The piece, by Kathy Gyngell – who is editor of The Conservative Woman website, and is a research fellow at the Centre for Policy Studies – goes beyond the standard GP-bashing, and turns its guns on the ‘feminisation’ of general practice, which has even ‘corrupted their male counterparts’.

Her claims, which seem to be based on a misreading of every recent major policy study, include:

  • ‘We don’t like them and it seems that doctors don’t like us much either. They complain of the number of people they have seen, the intensity of their work and burn out.’
  • Most female GPs exercise their family-friendly part-time work entitlement. ‘Their patients are lucky indeed if they get the chance to get to know them.’
  • Male GPs have been ‘corrupted by their feminised work practices. They too only plan to work part time – in order to take up lucrative locum work as soon as they have qualified.’
  • Online doctors give patients ‘easy access to “trusted” doctors, an immediate diagnosis and a prescription waiting to be collected at their pharmacy of choice.’
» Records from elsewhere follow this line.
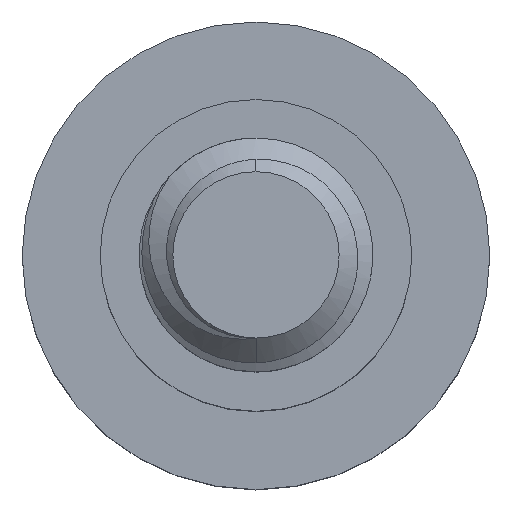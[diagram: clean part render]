
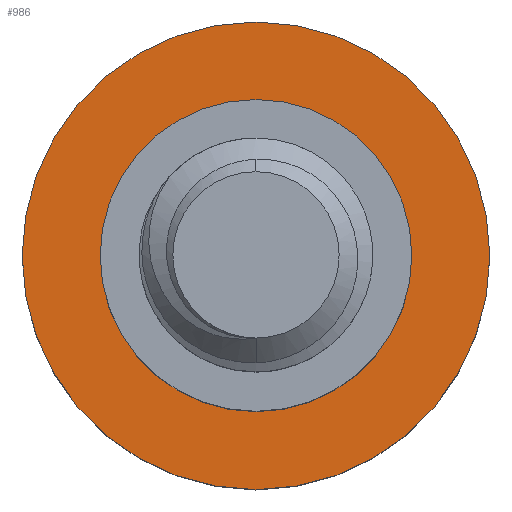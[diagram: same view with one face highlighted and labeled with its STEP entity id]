
A CAD part, top view. The second image highlights one B-rep face of the part: STEP entity #986.
In plain terms, the highlighted planar face has unit normal (0, 0, 1).
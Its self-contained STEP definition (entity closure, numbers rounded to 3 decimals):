
#50 = EDGE_CURVE ( 'NONE', #780, #1527, #2095, .T. ) ;
#102 = EDGE_CURVE ( 'NONE', #2244, #1309, #1076, .T. ) ;
#118 = AXIS2_PLACEMENT_3D ( 'NONE', #1152, #1299, #1128 ) ;
#210 = AXIS2_PLACEMENT_3D ( 'NONE', #1219, #699, #1020 ) ;
#414 = DIRECTION ( 'NONE',  ( 0., 0., -1. ) ) ;
#519 = ORIENTED_EDGE ( 'NONE', *, *, #2222, .F. ) ;
#555 = CIRCLE ( 'NONE', #118, 3. ) ;
#699 = DIRECTION ( 'NONE',  ( 0., 0., -1. ) ) ;
#723 = AXIS2_PLACEMENT_3D ( 'NONE', #2110, #414, #1765 ) ;
#780 = VERTEX_POINT ( 'NONE', #1691 ) ;
#838 = ORIENTED_EDGE ( 'NONE', *, *, #1614, .T. ) ;
#879 = DIRECTION ( 'NONE',  ( -1., 0., 0. ) ) ;
#937 = CARTESIAN_POINT ( 'NONE',  ( -3., 0., -3. ) ) ;
#986 = ADVANCED_FACE ( 'NONE', ( #1067, #2068 ), #2249, .F. ) ;
#1010 = EDGE_LOOP ( 'NONE', ( #838, #2018 ) ) ;
#1020 = DIRECTION ( 'NONE',  ( -1., 0., 0. ) ) ;
#1021 = CARTESIAN_POINT ( 'NONE',  ( 0., 0., -3. ) ) ;
#1067 = FACE_BOUND ( 'NONE', #1010, .T. ) ;
#1076 = CIRCLE ( 'NONE', #2130, 3. ) ;
#1128 = DIRECTION ( 'NONE',  ( -1., 0., 0. ) ) ;
#1152 = CARTESIAN_POINT ( 'NONE',  ( 0., 0., -3. ) ) ;
#1204 = CARTESIAN_POINT ( 'NONE',  ( 0., 0., -3. ) ) ;
#1219 = CARTESIAN_POINT ( 'NONE',  ( 0., 0., -3. ) ) ;
#1299 = DIRECTION ( 'NONE',  ( 0., 0., -1. ) ) ;
#1309 = VERTEX_POINT ( 'NONE', #1997 ) ;
#1339 = EDGE_LOOP ( 'NONE', ( #519, #2180 ) ) ;
#1347 = CIRCLE ( 'NONE', #723, 2. ) ;
#1362 = AXIS2_PLACEMENT_3D ( 'NONE', #1021, #1387, #879 ) ;
#1387 = DIRECTION ( 'NONE',  ( 0., 0., -1. ) ) ;
#1418 = CARTESIAN_POINT ( 'NONE',  ( -2., 0., -3. ) ) ;
#1527 = VERTEX_POINT ( 'NONE', #1418 ) ;
#1557 = DIRECTION ( 'NONE',  ( 0., 0., -1. ) ) ;
#1614 = EDGE_CURVE ( 'NONE', #1527, #780, #1347, .T. ) ;
#1691 = CARTESIAN_POINT ( 'NONE',  ( 2., 0., -3. ) ) ;
#1765 = DIRECTION ( 'NONE',  ( -1., 0., 0. ) ) ;
#1892 = DIRECTION ( 'NONE',  ( -1., 0., 0. ) ) ;
#1997 = CARTESIAN_POINT ( 'NONE',  ( 3., 0., -3. ) ) ;
#2018 = ORIENTED_EDGE ( 'NONE', *, *, #50, .T. ) ;
#2068 = FACE_OUTER_BOUND ( 'NONE', #1339, .T. ) ;
#2095 = CIRCLE ( 'NONE', #210, 2. ) ;
#2110 = CARTESIAN_POINT ( 'NONE',  ( 0., 0., -3. ) ) ;
#2130 = AXIS2_PLACEMENT_3D ( 'NONE', #1204, #1557, #1892 ) ;
#2180 = ORIENTED_EDGE ( 'NONE', *, *, #102, .F. ) ;
#2222 = EDGE_CURVE ( 'NONE', #1309, #2244, #555, .T. ) ;
#2244 = VERTEX_POINT ( 'NONE', #937 ) ;
#2249 = PLANE ( 'NONE',  #1362 ) ;

Ms Gyngell has had ‘interesting’ points of view in the past, including claiming that Thought for the Day was ‘hugely biased against the free market’ and that the roots of the junior doctor strike lie in the ‘feminisation of the workplace’.

12:15 The BMJ has responded to study authors’ claims that their study was rejected. 

The BMJ spokesperson said: ‘We are unable to comment in detail on a specific article, even to confirm whether it was submitted to the journal as this is a confidential matter. However, we can say that in general articles are considered on matters of methodology, potential importance, interest to our broad readership and on what they add to the established literature.’

11:05 If you haven’t yet seen it, we have a big exclusive. The GPC is launching a judicial review against CQC inspections. Read the full story here.

10:20 The ‘weekend effect’ study has gone big, dominating the health news headlines this morning.

The BMA has responded. Dr Mark Porter, BMA chair of council, said: ‘This huge and robust study confirms what doctors have been saying all along: there is a lack of evidence showing that the “weekend effect” is caused by the absence of senior doctors. It is a far more complicated picture than the one the government has tried to portray.

‘These academics are the latest in a long the line of health professionals and leading experts challenging the government on its misleading use of figures.’

‘The BMA believes patients should have access to the same high quality of care, seven days a week. If the government want to make more services available across seven days, then it needs to explain how it will staff and pay for them at a time when existing services are struggling to keep up with demand.’

9:30 Our top story this morning is on a major new study that found that the basis of the health secretary’s seven-day NHS policy – the ‘weekend effect’ – is a ‘statistical artefact’.

In fact, the researchers found, there are fewer deaths of patients who attend A&E at the weekend.

Another interesting line is that the study was rejected by the BMJ, after being peer reviewed by Professor Nick Freemantle – who conducted the study cited by Jeremy Hunt when making his claim that understaffing at weekends led to 6,000 more deaths.